People ride Harley Davidsons, write with Mont Blanc pens, work in WeWork, use Linux, run SAP, drink Jack Daniels or exercise in Lulu Lemon, not because they are the best product on the market. They choose them because they see something of themselves and their beliefs at work, and want to align themselves with them.

It doesn’t matter how big or small you are. This principle is like a vector graphic. It scales up and down infinitely without losing any of its integrity. However small your audience, they will stick with you like glue if there is a meeting of beliefs.

If there’s not, you’ll be like a music fan is to Taylor Swift. They’ll buy your stuff if they like it, but they’re just as likely to buy someone else’s stuff if they like that. But if you attract them based on shared beliefs, like a Little Monster, they’ll buy your stuff, subscribe to your blog and your podcast, attend your webinars, come to your live event and buy your book, all without question.

What are your beliefs and how do you test them?

But before that can happen, you need to understand what your beliefs are, and you need to be living and breathing them authentically. Beliefs are not something you create. They already exist. You just need to discover them.

Try it. Write down on a piece of paper, three things you think you stand for.

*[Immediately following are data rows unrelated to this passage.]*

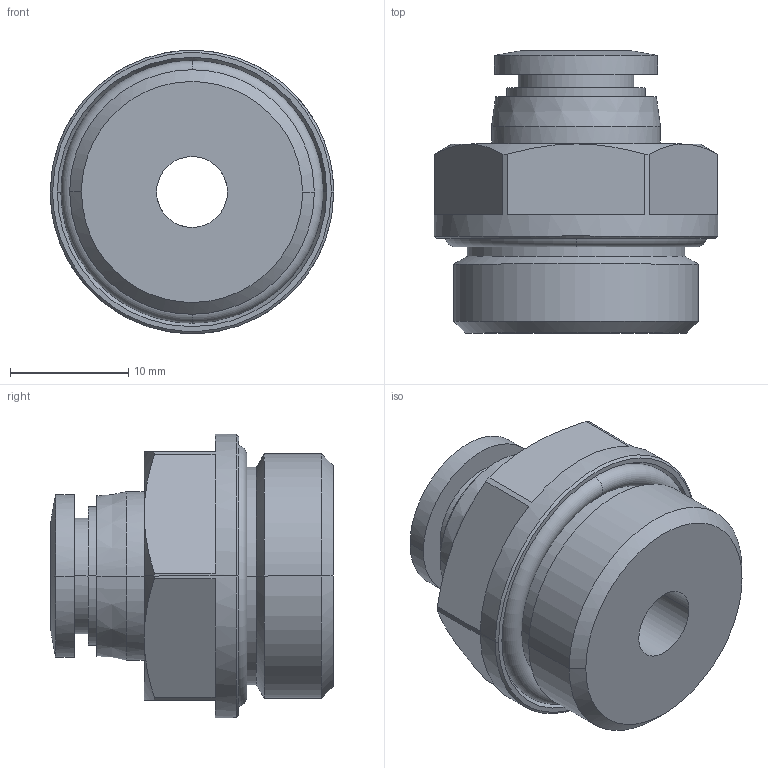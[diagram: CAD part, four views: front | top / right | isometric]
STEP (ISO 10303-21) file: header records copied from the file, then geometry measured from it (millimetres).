
FILE_DESCRIPTION (( 'STEP AP203' ), '1' );
FILE_NAME ('FH08-04.STEP', '2020-04-28T13:40:34', ( '' ), ( '' ), 'SwSTEP 2.0', 'SolidWorks 2019', '' );
FILE_SCHEMA (( 'CONFIG_CONTROL_DESIGN' ));
Length unit declared in the file: millimetre
Products named in the file (1): FH08-04
Bounding box: 24 x 23.9 x 24 mm (x, y, z)
Surface area: 3508.6 mm2 (no closed solid volume)
Topology: 0 solids, 4 shells, 67 faces, 156 edges, 99 vertices
Faces by surface type: plane 22, cylinder 20, cone 19, torus 6
Entity records: 3272 total; most frequent: CARTESIAN_POINT 1905, ORIENTED_EDGE 296, DIRECTION 181, EDGE_CURVE 156, B_SPLINE_CURVE_WITH_KNOTS 117, VERTEX_POINT 99, EDGE_LOOP 77, AXIS2_PLACEMENT_3D 74
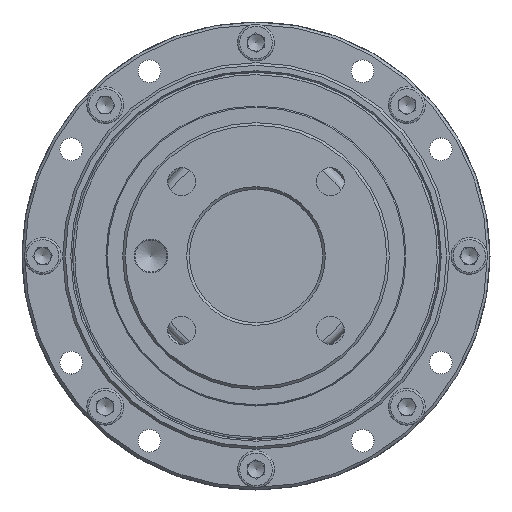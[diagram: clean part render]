
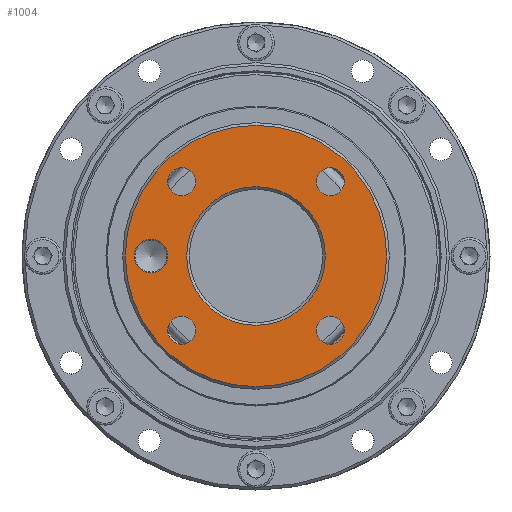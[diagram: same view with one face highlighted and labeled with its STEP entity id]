
A CAD part, left-side view. The second image highlights one B-rep face of the part: STEP entity #1004.
In plain terms, the highlighted planar face has unit normal (-1, 0, 0).
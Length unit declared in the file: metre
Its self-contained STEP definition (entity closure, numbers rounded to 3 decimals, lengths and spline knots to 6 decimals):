
#15 = AXIS2_PLACEMENT_3D ( 'NONE', #4212, #17694, #13225 ) ;
#63 = DIRECTION ( 'NONE',  ( 0., 0., 1. ) ) ;
#412 = FACE_BOUND ( 'NONE', #5009, .T. ) ;
#475 = EDGE_CURVE ( 'NONE', #18280, #18280, #16690, .T. ) ;
#650 = CARTESIAN_POINT ( 'NONE',  ( -0.02425, 0., 0. ) ) ;
#709 = FACE_BOUND ( 'NONE', #2857, .T. ) ;
#780 = DIRECTION ( 'NONE',  ( 1., 0., 0. ) ) ;
#1004 = ADVANCED_FACE ( 'NONE', ( #18550, #412, #709, #18116, #9577, #27084, #20725 ), #26942, .F. ) ;
#1031 = ORIENTED_EDGE ( 'NONE', *, *, #27783, .T. ) ;
#1813 = AXIS2_PLACEMENT_3D ( 'NONE', #18624, #16994, #12391 ) ;
#1933 = VERTEX_POINT ( 'NONE', #28334 ) ;
#2857 = EDGE_LOOP ( 'NONE', ( #15531 ) ) ;
#4212 = CARTESIAN_POINT ( 'NONE',  ( -0.02425, -0.011137, -0.011137 ) ) ;
#4765 = EDGE_CURVE ( 'NONE', #6100, #6100, #4770, .T. ) ;
#4770 = CIRCLE ( 'NONE', #26518, 0.0196 ) ;
#4810 = CARTESIAN_POINT ( 'NONE',  ( -0.02425, -0.011137, -0.009037 ) ) ;
#4819 = CIRCLE ( 'NONE', #14095, 0.0021 ) ;
#5009 = EDGE_LOOP ( 'NONE', ( #15943 ) ) ;
#6023 = CARTESIAN_POINT ( 'NONE',  ( -0.02425, 0.011137, -0.009037 ) ) ;
#6100 = VERTEX_POINT ( 'NONE', #10745 ) ;
#6326 = CARTESIAN_POINT ( 'NONE',  ( -0.02425, -0.011137, 0.011137 ) ) ;
#7153 = EDGE_LOOP ( 'NONE', ( #1031 ) ) ;
#7380 = CARTESIAN_POINT ( 'NONE',  ( -0.02425, 0., 0.0104 ) ) ;
#7550 = CARTESIAN_POINT ( 'NONE',  ( -0.02425, 0.01, 0. ) ) ;
#8010 = CIRCLE ( 'NONE', #20498, 0.0104 ) ;
#8213 = EDGE_CURVE ( 'NONE', #18534, #18534, #25548, .T. ) ;
#8374 = EDGE_CURVE ( 'NONE', #10126, #10126, #8010, .T. ) ;
#8601 = CARTESIAN_POINT ( 'NONE',  ( -0.02425, 0.01575, 0.0025 ) ) ;
#8749 = DIRECTION ( 'NONE',  ( 1., 0., 0. ) ) ;
#9316 = AXIS2_PLACEMENT_3D ( 'NONE', #7550, #27225, #25210 ) ;
#9577 = FACE_BOUND ( 'NONE', #21797, .T. ) ;
#10126 = VERTEX_POINT ( 'NONE', #7380 ) ;
#10745 = CARTESIAN_POINT ( 'NONE',  ( -0.02425, 0.0196, 0. ) ) ;
#12306 = CIRCLE ( 'NONE', #13220, 0.0021 ) ;
#12326 = ORIENTED_EDGE ( 'NONE', *, *, #18529, .F. ) ;
#12391 = DIRECTION ( 'NONE',  ( 0., 0., 1. ) ) ;
#13002 = DIRECTION ( 'NONE',  ( 0., 0., 1. ) ) ;
#13084 = AXIS2_PLACEMENT_3D ( 'NONE', #6326, #23991, #13002 ) ;
#13220 = AXIS2_PLACEMENT_3D ( 'NONE', #26683, #8749, #26550 ) ;
#13225 = DIRECTION ( 'NONE',  ( 0., 0., 1. ) ) ;
#13242 = CARTESIAN_POINT ( 'NONE',  ( -0.02425, 0.011137, -0.011137 ) ) ;
#14095 = AXIS2_PLACEMENT_3D ( 'NONE', #13242, #22069, #26677 ) ;
#14254 = ORIENTED_EDGE ( 'NONE', *, *, #8374, .F. ) ;
#14990 = VERTEX_POINT ( 'NONE', #8601 ) ;
#15152 = EDGE_LOOP ( 'NONE', ( #24710 ) ) ;
#15318 = EDGE_LOOP ( 'NONE', ( #14254 ) ) ;
#15531 = ORIENTED_EDGE ( 'NONE', *, *, #8213, .T. ) ;
#15943 = ORIENTED_EDGE ( 'NONE', *, *, #475, .T. ) ;
#16654 = CIRCLE ( 'NONE', #1813, 0.0025 ) ;
#16690 = CIRCLE ( 'NONE', #15, 0.0021 ) ;
#16994 = DIRECTION ( 'NONE',  ( -1., 0., 0. ) ) ;
#17614 = DIRECTION ( 'NONE',  ( -1., 0., 0. ) ) ;
#17694 = DIRECTION ( 'NONE',  ( 1., 0., 0. ) ) ;
#18116 = FACE_BOUND ( 'NONE', #7153, .T. ) ;
#18280 = VERTEX_POINT ( 'NONE', #4810 ) ;
#18529 = EDGE_CURVE ( 'NONE', #14990, #14990, #16654, .T. ) ;
#18534 = VERTEX_POINT ( 'NONE', #23315 ) ;
#18550 = FACE_BOUND ( 'NONE', #15152, .T. ) ;
#18624 = CARTESIAN_POINT ( 'NONE',  ( -0.02425, 0.01575, 0. ) ) ;
#18909 = ORIENTED_EDGE ( 'NONE', *, *, #4765, .F. ) ;
#20498 = AXIS2_PLACEMENT_3D ( 'NONE', #28618, #17614, #63 ) ;
#20725 = FACE_OUTER_BOUND ( 'NONE', #26630, .T. ) ;
#21797 = EDGE_LOOP ( 'NONE', ( #12326 ) ) ;
#22069 = DIRECTION ( 'NONE',  ( 1., 0., 0. ) ) ;
#23271 = DIRECTION ( 'NONE',  ( 0., 1., 0. ) ) ;
#23315 = CARTESIAN_POINT ( 'NONE',  ( -0.02425, -0.011137, 0.013237 ) ) ;
#23991 = DIRECTION ( 'NONE',  ( 1., 0., 0. ) ) ;
#24710 = ORIENTED_EDGE ( 'NONE', *, *, #26570, .T. ) ;
#25210 = DIRECTION ( 'NONE',  ( 0., 0., -1. ) ) ;
#25433 = VERTEX_POINT ( 'NONE', #6023 ) ;
#25548 = CIRCLE ( 'NONE', #13084, 0.0021 ) ;
#26518 = AXIS2_PLACEMENT_3D ( 'NONE', #650, #780, #23271 ) ;
#26550 = DIRECTION ( 'NONE',  ( 0., 0., 1. ) ) ;
#26570 = EDGE_CURVE ( 'NONE', #25433, #25433, #4819, .T. ) ;
#26630 = EDGE_LOOP ( 'NONE', ( #18909 ) ) ;
#26677 = DIRECTION ( 'NONE',  ( 0., 0., 1. ) ) ;
#26683 = CARTESIAN_POINT ( 'NONE',  ( -0.02425, 0.011137, 0.011137 ) ) ;
#26942 = PLANE ( 'NONE',  #9316 ) ;
#27084 = FACE_BOUND ( 'NONE', #15318, .T. ) ;
#27225 = DIRECTION ( 'NONE',  ( 1., 0., 0. ) ) ;
#27783 = EDGE_CURVE ( 'NONE', #1933, #1933, #12306, .T. ) ;
#28334 = CARTESIAN_POINT ( 'NONE',  ( -0.02425, 0.011137, 0.013237 ) ) ;
#28618 = CARTESIAN_POINT ( 'NONE',  ( -0.02425, 0., 0. ) ) ;

Hills you are prepared to die on.

Now ask yourself this simple question. If it meant more sales or more profit, would I throw my beliefs under the bus?

If the answer is: “Yes, I’d conveniently side-line my beliefs for a £100,000 contract that required me to do something that conflicted with my beliefs”, then they weren’t your beliefs. Next.

It’s timely. The COVID pandemic has exposed a few people who it seems were wearing beliefs as badges of convenience.

Turns out Richard Branson isn’t the consumer's friend, and Tim Martin (Wetherspoons) isn’t the “fairness and integrity” warrior he wanted us to believe.

At the risk of repeating myself: The world is in turmoil, and when the smoke has cleared, many of the winners and losers will be there because of beliefs. A brand built on beliefs will weather any storm. Beliefs are your new superpower.